Not sure what you’re really looking for other than a more complex script/set of commands to uninstall when what’s in the docs still works fine on every version of windows that exists.
It works, but even Microsoft advises against using the Win32_Product class where possible. This is because it inherently runs a consistency check on ALL software on the machine, even when it’s just a query. This means that if your 365 apps so much as sneeze, it will be considered bad and your query for a completely unrelated app, the Immy agent, will initiate an unannounced repair install of that 365 app. This is mentioned in the Microsoft documentation for Win32_Product.
That being said, I’m pretty sure I’ve complained about this enough times that alternative methods were documented and, I think, used in the overall Immy uninstall script lol
I wrote the uninstall script that is currently in the repository for ImmyBot agent–and it is not specific to ImmyBot and uses the appropriate method for uninstalling ImmyBot Agent.
The point you guys are making is clear and understood. But I think you’re ignoring some realities here with respect to what is documented:
If folks are uninstalling ImmyBot(and don’t have another tool that can uninstall it unattended), they presumably need something simple that will work for them with whatever tools they have. Some organizations disable powershell in their environments, or insist on not having powershell in their environments. The documented method works regardless of this, again, on all versions of Windows that currently exist, even unsupported Windows versions (that people are still running).
If they are using ImmyBot but want to uninstall the agent, that can be done with the inbuilt Immy Deployment, and the documented method is not needed.
Microsoft has made that recommendation because Win32_Product is not query optimized, they have chosen not to optimize it, and also unnecessarily initiates a consistency check–again, that’s not an Immy problem, these are all Microsoft problems that they have basically said they won’t alter or fix.

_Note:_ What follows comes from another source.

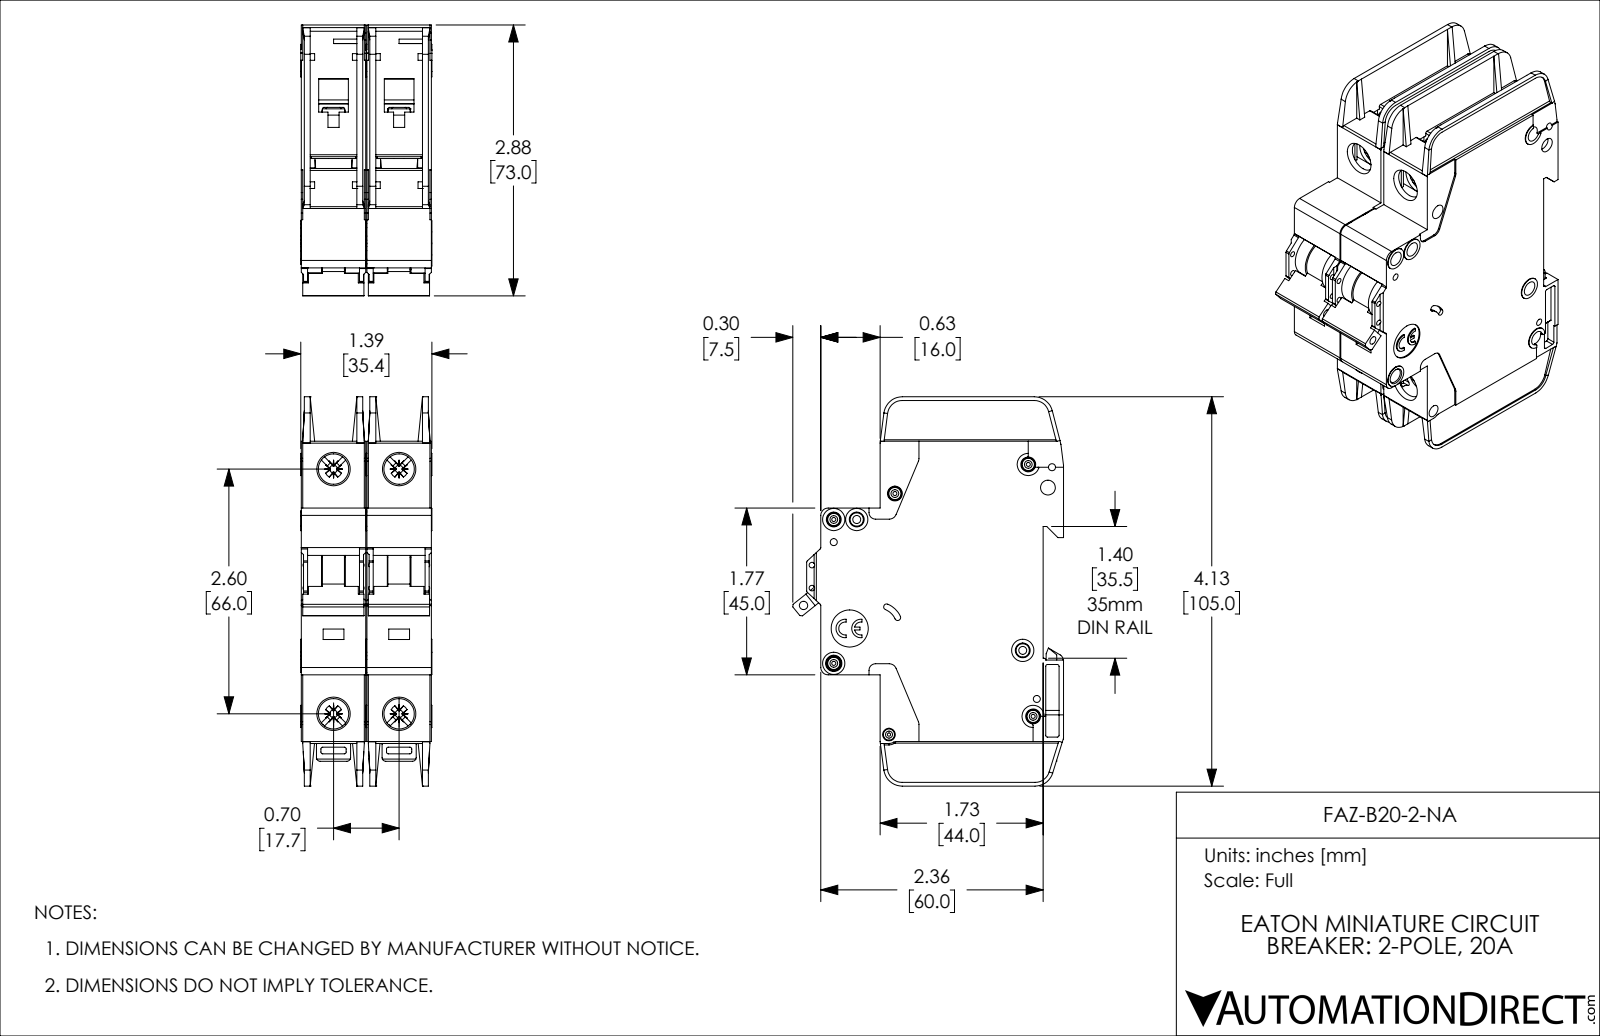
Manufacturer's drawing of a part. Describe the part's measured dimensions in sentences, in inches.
The part is named "FAZ-B20-2-NA". Its 3-D file was written by "SolidWorks 2019 (AUTOMOTIVE_DESIGN)". It is 2 solids with 2254 faces: 1342 planar, 714 cylindrical and 198 other. Overall it measures 4.134 by 2.876 by 1.394 inches. Its volume is 9.365 cubic inches and its surface area 82.01 square inches. Round holes: 8 of diameter 0.157, 5 of diameter 0.043, 4 of diameter 0.075, 4 of diameter 0.323, 2 of diameter 0.059, 2 of diameter 0.085, 1 of diameter 0.035, 1 of diameter 0.089, 1 of diameter 0.098, 1 of diameter 0.134, 1 of diameter 0.394. Round bosses or shafts: 5 of diameter 0.13, 4 of diameter 0.236, 3 of diameter 0.118, 2 of diameter 0.098. Partial cylindrical surfaces (rounded edges, fillets, slot ends): 57 of radius 0.02, 20 of radius 0.016, 14 of radius 0.039, 10 of radius 0.079, 8 of radius 0.043, 5 of radius 0.008, 5 of radius 0.197, 4 of radius 0.01. The main face-to-face distances are 0.697, 0.047, 0.685, 0.591, 0.094, 0.638, 0.543, 1.382, 0.744, 0.65. The hole center spacings are 0.244, 0.537, 0.697, 0.87, 2.598, 2.69, 0.189, 0.199.

So, my personal opinion here is that this is a non-issue. Again, I get and understand the recommendations, but I personally wouldn’t spend any time coming up with complex scripts and methods for something that can be uninstalled with a one-liner command, or by just clicking uninstall in add-remove programs.
That’s all fine, my real issue is that the official ImmyBot FAQ I linked to at Frequently Asked Questions | immy.bot is actively recommending using the very not-recommended way, and doesn’t even warn that it shouldn’t be done. I believe an alternate option should be recommended in the official documentation; if people choose to do the problematic thing on their own that’s fine.

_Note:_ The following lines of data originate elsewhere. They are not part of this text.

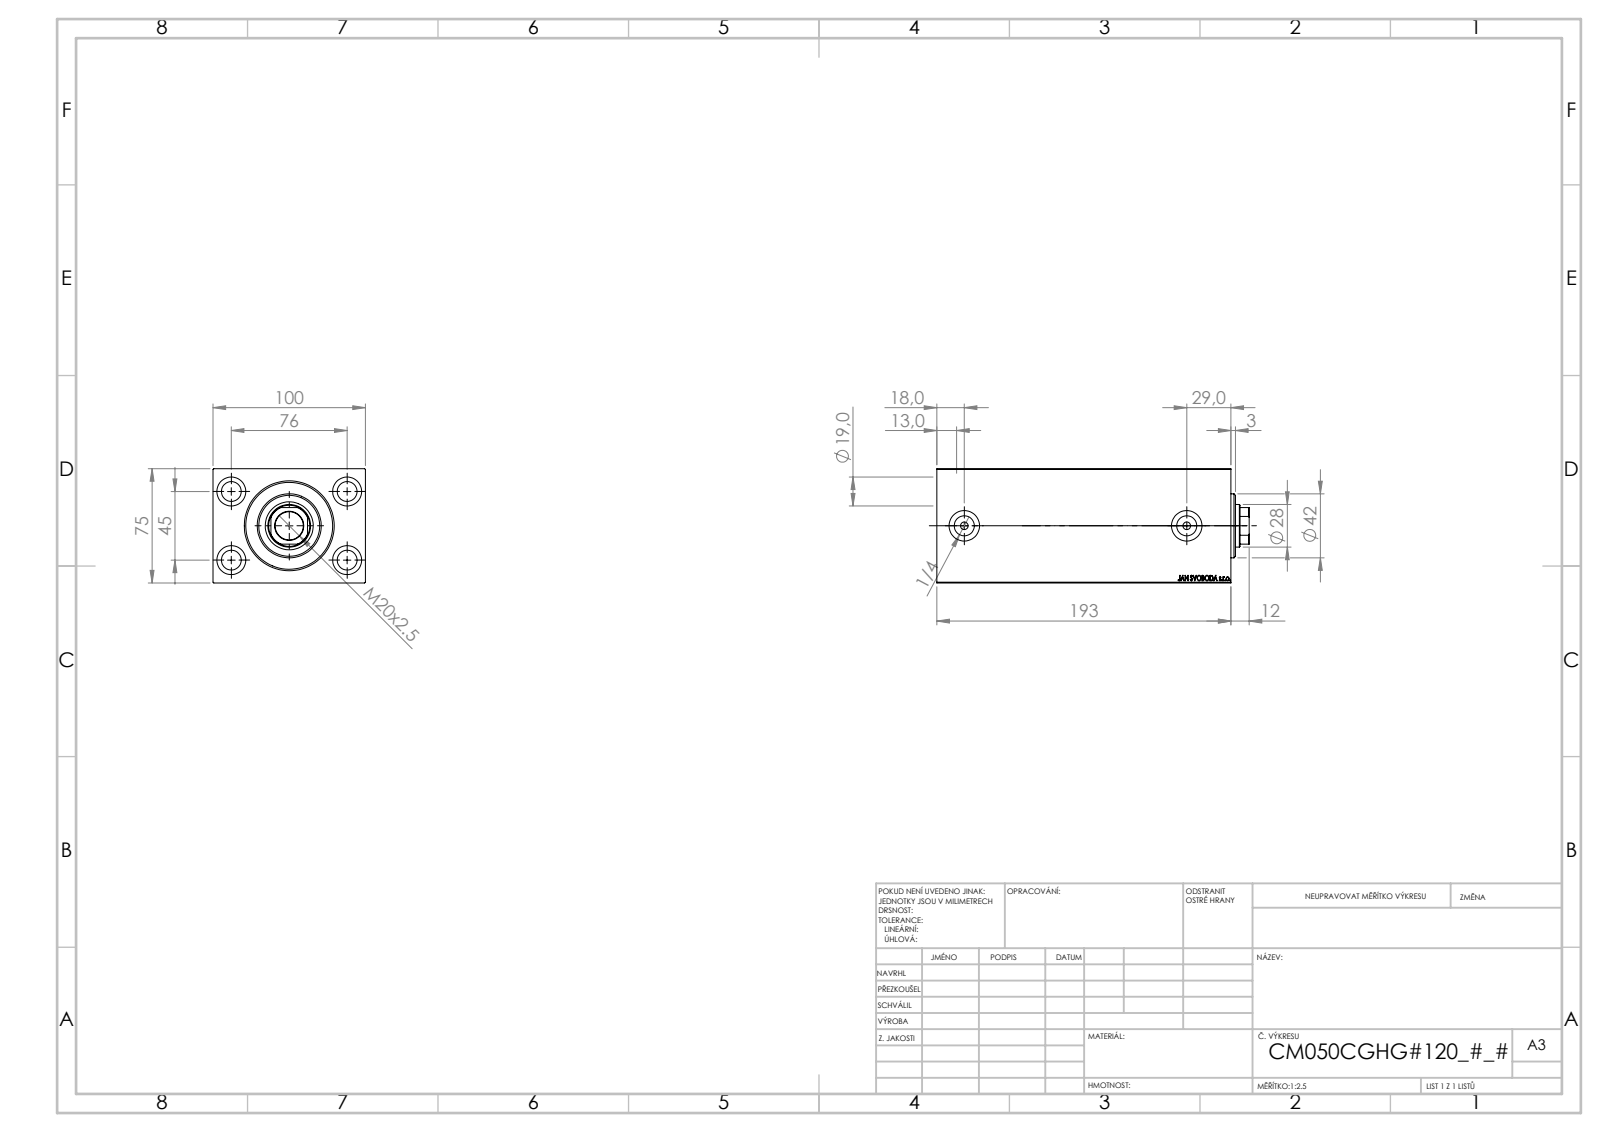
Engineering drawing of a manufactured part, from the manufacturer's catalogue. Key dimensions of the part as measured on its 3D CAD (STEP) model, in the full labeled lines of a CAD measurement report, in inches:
Part name (STEP PRODUCT): V450CM_VC_B; V450CM_C_Body; V450CM_C_VCP
STEP written by: SolidWorks 2019 (CONFIG_CONTROL_DESIGN)
Units: inches
Bodies: 3 solids, 865 faces (409 planar, 62 cylindrical, 394 other)
Overall size (bounding box): 8.071 × 3.937 × 2.953
Volume: 71.09 in³ · Surface area: 280 in²
Round holes (diameter × count): ⌀0.512 ×4, ⌀0.748 ×4, ⌀0.197 ×2, ⌀0.518 ×2, ⌀0.787 ×2, ⌀0.728 ×1, ⌀1.102 ×1, ⌀1.24 ×1, ⌀1.969 ×1, ⌀2.047 ×1, ⌀2.244 ×1
Round bosses / shafts (diameter × count): ⌀1.654 ×1
Partial cylindrical surfaces — rounded edges, fillets, slot ends (radius × count): R0.531 ×1
Main face-to-face distances: 2.953, 3.937, 7.598, 7.047, 0.551, 1.154, 5.894, 6.445, 0.512, 5.878
Hole centre spacings: 1.739, 1.772, 2.992, 3.477, 5.748

My issue and the report here was purely about the official docs containing something they should not, and they still do. I believe they’re open to contribution and I’m GitHub-savvy enough I can probably pull it off now, so I’m willing to submit a pull request to change it if that’s preferred. (I was not really much of a Git/GitHub user when I posted my original post here).
You make a good case regarding PowerShell possibly being disabled or unusable.
Regarding the “simple script” concept though, I don’t see how having a somewhat longer script is any different than having a giant one-liner of an install script for the Immy agent. Just my thoughts on that.
What else can you run with powershell disabled that will reliably find the registry key for the uninstaller and run the appropriate uninstall command? (This is really the point I’m making)
Sure, produce a reliable script (non powershell) that works on all Windows versions that exist and I can certainly have that evaluated. I’ll even make sure your email address is present in the docs for folks to know you contributed it!
I suppose you could still query the uninstall registry paths and run the uninstallstring value with “/qn /norestart” appended. If you’re iffy about the guid though, it might be a little slow since it would need to iterate over all those guids to find one where the display name is “ImmyBot Agent”. Technically should be doable with just a batch script, though
That’s a good point. I honestly consider PowerShell a required feature and rarely consider how to do anything without it any more And I’m no batch scripting fan. But I do see benefit to an uninstallation option that doesn’t use it.
I will contemplate working on a non-PowerShell version that uses batch to locate the uninstall command and run it via msiexec rather than using WMI, which sounds like it’s what you’re asking for, and I’ll be happy to contribute it if I can pull it off.
Perhaps a warning with a link to one of the more well-written version (maybe the Microsoft KB link from Dakota?) prefixing the existing FAQ item and warning that it’s not recommended and may cause unintended side-effects per Microsoft would be sufficient to at least let people know it’s more of a last-ditch thing that may not always be safe? And perhaps the Get-Package version could be listed as a safer alternate one-liner if it works as a first attempt rather than jumping right to Win32_Product?
I do agree my UninstallString was not necessarily accurate for all ImmyBot installers; I assume it changes from version to version and that’s why querying the UninstallString by searching the registry for the name is standard way to find/uninstall, which is all my PowerShell uninstall function does, a little more verbosely.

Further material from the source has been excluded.